Play around with this for a bit, and get a feel for how it works!
If you’re working interactively with a R Markdown document, it’s often useful to run a single code chunk. You can do this by clicking the “Run Current Chunk” button (small right-facing green arrow at the top of the chunk).
First, though, you’ll often need to run the previous chunks so that the variables they compute are available. You can achieve this using the “Run All Chunks Above” button (the one with the arrow pointing downward).
Suppose you Knit a document and see an error — e.g. because one chunk uses a function from a library that you haven’t installed. If you don’t want to fix the problem you can set eval=FALSE
at the top of the chunk so that the chunk is not run when Knit is invoked. Other chunk options are described here. One worth knowing about is cache=TRUE
, which means that a chunk gets rerun only if it has changed since the last time you ran it. Caching a chunk is handy if the chunk takes a long time to run.
R Markdown can be used for many purposes, and we give only a handful of examples here.
R Markdown is a good choice for preprocessing and analyzing data, and the preprocessing
and analysis
folders in our recommended structure will often contain R Markdown files. In both cases it is useful to combine code with comments that explain and motivate preprocessing steps, and that interpret and discuss the results of statistical analyses.

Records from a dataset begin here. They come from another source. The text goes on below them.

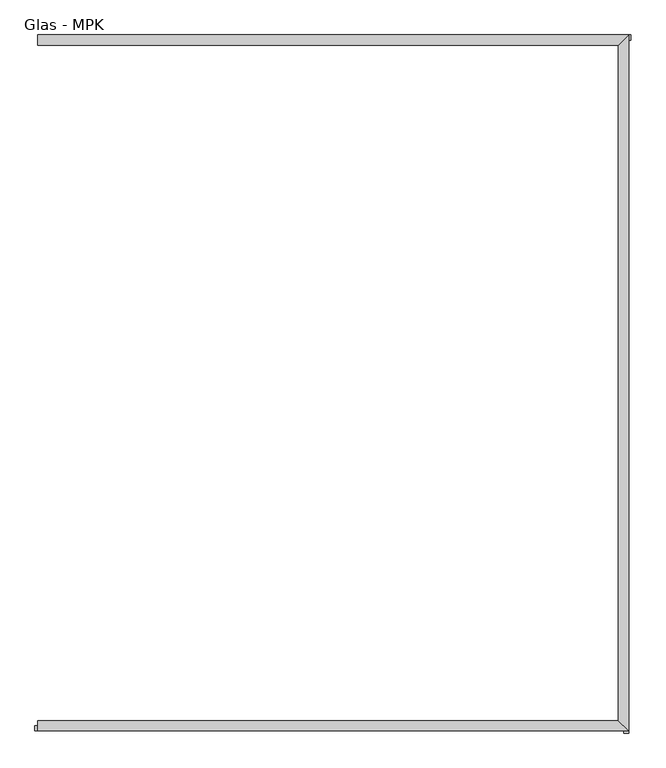
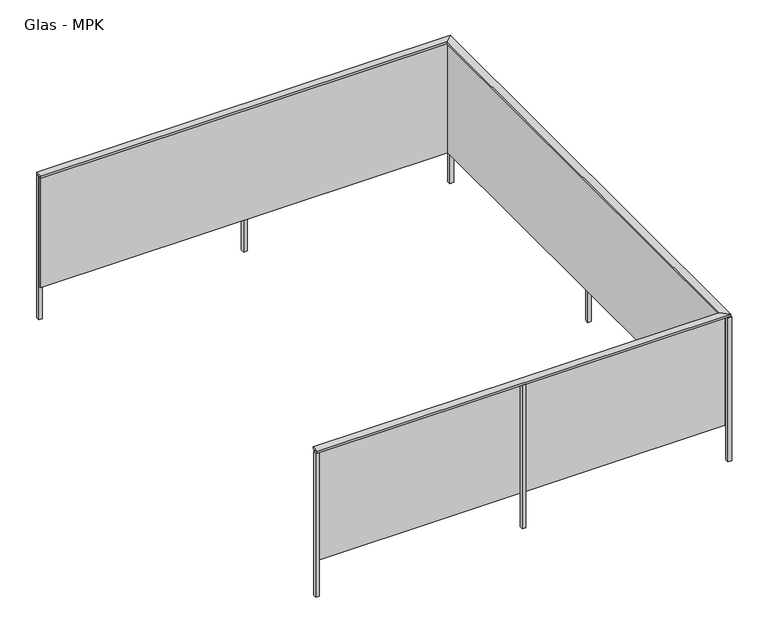
"""IFC4 building model written with IfcOpenShell, lengths in millimetres: railing geometry, Glas - MPK."""

from ifc_helpers import new_model, si_unit, frame, origin, place, context, project, spatial, polyline, outline, extrude, faceted_brep, source, transform, mapped, element, save


def glas_mpk_39525c5c(model_context):
    return source(origin(), model_context, "Body", "SolidModel", [
        faceted_brep([(28810.8437289, 1285.374085, 9843.2628643), (28810.8437289, 1235.374085, 9843.2628643), (28810.8437289, 1235.374085, 9856.7371357), (28810.8437289, 1285.374085, 9856.7371357), (31650.8437289, 1285.374085, 9843.2628643), (31600.8437289, 1235.374085, 9843.2628643), (31600.8437289, 1235.374085, 9856.7371357), (31650.8437289, 1285.374085, 9856.7371357), (31650.8437289, -2055.3552612, 9843.2628643), (31600.8437289, -2005.3552612, 9843.2628643), (31600.8437289, -2005.3552612, 9856.7371357), (31650.8437289, -2055.3552612, 9856.7371357), (28810.8437289, -2055.3552612, 9843.2628643), (28810.8437289, -2055.3552612, 9856.7371357), (28810.8437289, -2005.3552612, 9856.7371357), (28810.8437289, -2005.3552612, 9843.2628643)], [[[0, 1, 2, 3]], [[1, 0, 4, 5]], [[2, 1, 5, 6]], [[3, 2, 6, 7]], [[0, 3, 7, 4]], [[5, 4, 8, 9]], [[6, 5, 9, 10]], [[7, 6, 10, 11]], [[4, 7, 11, 8]], [[12, 13, 14, 15]], [[9, 8, 12, 15]], [[10, 9, 15, 14]], [[11, 10, 14, 13]], [[8, 11, 13, 12]]]),
        faceted_brep([(28810.8437289, 1245.374085, 9842.8769824), (28810.8437289, 1259.566209, 9842.8769824), (28810.8437289, 1259.566209, 9042.8769824), (28810.8437289, 1245.374085, 9042.8769824), (31610.8437289, 1245.374085, 9842.8769824), (31625.0358529, 1259.566209, 9842.8769824), (31625.0358529, 1259.566209, 9042.8769824), (31610.8437289, 1245.374085, 9042.8769824), (31610.8437289, -2015.3552612, 9842.8769824), (31625.0358529, -2029.5473852, 9842.8769824), (31625.0358529, -2029.5473852, 9042.8769824), (31610.8437289, -2015.3552612, 9042.8769824), (28810.8437289, -2015.3552612, 9842.8769824), (28810.8437289, -2015.3552612, 9042.8769824), (28810.8437289, -2029.5473852, 9042.8769824), (28810.8437289, -2029.5473852, 9842.8769824)], [[[0, 1, 2, 3]], [[1, 0, 4, 5]], [[2, 1, 5, 6]], [[3, 2, 6, 7]], [[0, 3, 7, 4]], [[5, 4, 8, 9]], [[6, 5, 9, 10]], [[7, 6, 10, 11]], [[4, 7, 11, 8]], [[12, 13, 14, 15]], [[9, 8, 12, 15]], [[10, 9, 15, 14]], [[11, 10, 14, 13]], [[8, 11, 13, 12]]]),
        extrude(outline(polyline([(30242.0937289, -2030.3552612), (30242.0937289, -2055.3552612), (30217.0937289, -2055.3552612), (30217.0937289, -2030.3552612), (30242.0937289, -2030.3552612)])), frame((0.0, 0.0, 8800.0), z_axis=(0.0, 0.0, 1.0), x_axis=(1.0, 0.0, 0.0)), (0.0, 0.0, 1.0), 1043.2628643),
        extrude(outline(polyline([(31625.8437289, -372.4905881), (31650.8437289, -372.4905881), (31650.8437289, -397.4905881), (31625.8437289, -397.4905881), (31625.8437289, -372.4905881)])), frame((0.0, 0.0, 8800.0), z_axis=(0.0, 0.0, 1.0), x_axis=(1.0, 0.0, 0.0)), (0.0, 0.0, 1.0), 1043.2628643),
        extrude(outline(polyline([(30217.0937289, 1260.374085), (30217.0937289, 1285.374085), (30242.0937289, 1285.374085), (30242.0937289, 1260.374085), (30217.0937289, 1260.374085)])), frame((0.0, 0.0, 8800.0), z_axis=(0.0, 0.0, 1.0), x_axis=(1.0, 0.0, 0.0)), (0.0, 0.0, 1.0), 1043.2628643),
        extrude(outline(polyline([(31625.8437289, -2040.3552612), (31650.8437289, -2040.3552612), (31650.8437289, -2065.3552612), (31625.8437289, -2065.3552612), (31625.8437289, -2040.3552612)])), frame((0.0, 0.0, 8800.0), z_axis=(0.0, 0.0, 1.0), x_axis=(1.0, 0.0, 0.0)), (0.0, 0.0, 1.0), 1043.2628643),
        extrude(outline(polyline([(31635.8437289, 1260.374085), (31635.8437289, 1285.374085), (31660.8437289, 1285.374085), (31660.8437289, 1260.374085), (31635.8437289, 1260.374085)])), frame((0.0, 0.0, 8800.0), z_axis=(0.0, 0.0, 1.0), x_axis=(1.0, 0.0, 0.0)), (0.0, 0.0, 1.0), 1043.2628643),
        extrude(outline(polyline([(28823.3437289, -2030.3552612), (28823.3437289, -2055.3552612), (28798.3437289, -2055.3552612), (28798.3437289, -2030.3552612), (28823.3437289, -2030.3552612)])), frame((0.0, 0.0, 8800.0), z_axis=(0.0, 0.0, 1.0), x_axis=(1.0, 0.0, 0.0)), (0.0, 0.0, 1.0), 1043.2628643),
        extrude(outline(polyline([(28810.8437289, 1260.374085), (28810.8437289, 1285.374085), (28835.8437289, 1285.374085), (28835.8437289, 1260.374085), (28810.8437289, 1260.374085)])), frame((0.0, 0.0, 8800.0), z_axis=(0.0, 0.0, 1.0), x_axis=(1.0, 0.0, 0.0)), (0.0, 0.0, 1.0), 1043.2628643),
    ])


if __name__ == "__main__":
    model = new_model("IFC4")
    model_context = context("Model", 3, world=origin())
    ifc_project = project(units=[si_unit("LENGTHUNIT", "METRE", prefix="MILLI")], contexts=[model_context])
    site = spatial("IfcSite", under=ifc_project)
    building = spatial("IfcBuilding", under=site)
    placement = place(None, origin())
    glas_mpk_shape = glas_mpk_39525c5c(model_context)
    element("IfcRailing", 1, ObjectType="Glas - MPK", at=placement, inside=building, context=model_context, shape_type="MappedRepresentation", body=[
        mapped(glas_mpk_shape, transform((0.0, 0.0, 0.0), x_axis=(1.0, 0.0, 0.0), y_axis=(0.0, 1.0, 0.0), z_axis=(0.0, 0.0, 1.0))),
    ])
    save(model, "model.ifc")

# Revit data of these elements
# Element 1 (IfcRailing, "Glas - MPK")
#   Materials on its faces: "Metal - Aluminum", "Window - Glass"
# Materials
#   "Metal - Aluminum": class "Unassigned", colour RGB 247 247 247, transparency 0, Comments = "Rendering appearance not upgraded "
#   "Window - Glass": class "Glas", colour RGB 128 128 255, transparency 0.75

Most of the summer school tutorials were created in R Markdown. For example, you can find the source of this tutorial in CHDSS/chdss2019_content/day1/tutorials/project_organisation.Rmd
You can make slides in R Markdown. Try creating a new R Markdown file from the RStudio file menu and choosing the “Presentation” option
You can write journal papers in R Markdown! One example is in CHDSS/chdss2019_content/samplingframes/writeup/samplingframes.Rmd
To Knit it (which creates a pdf in this case), you’ll need to install the papaja package as described here.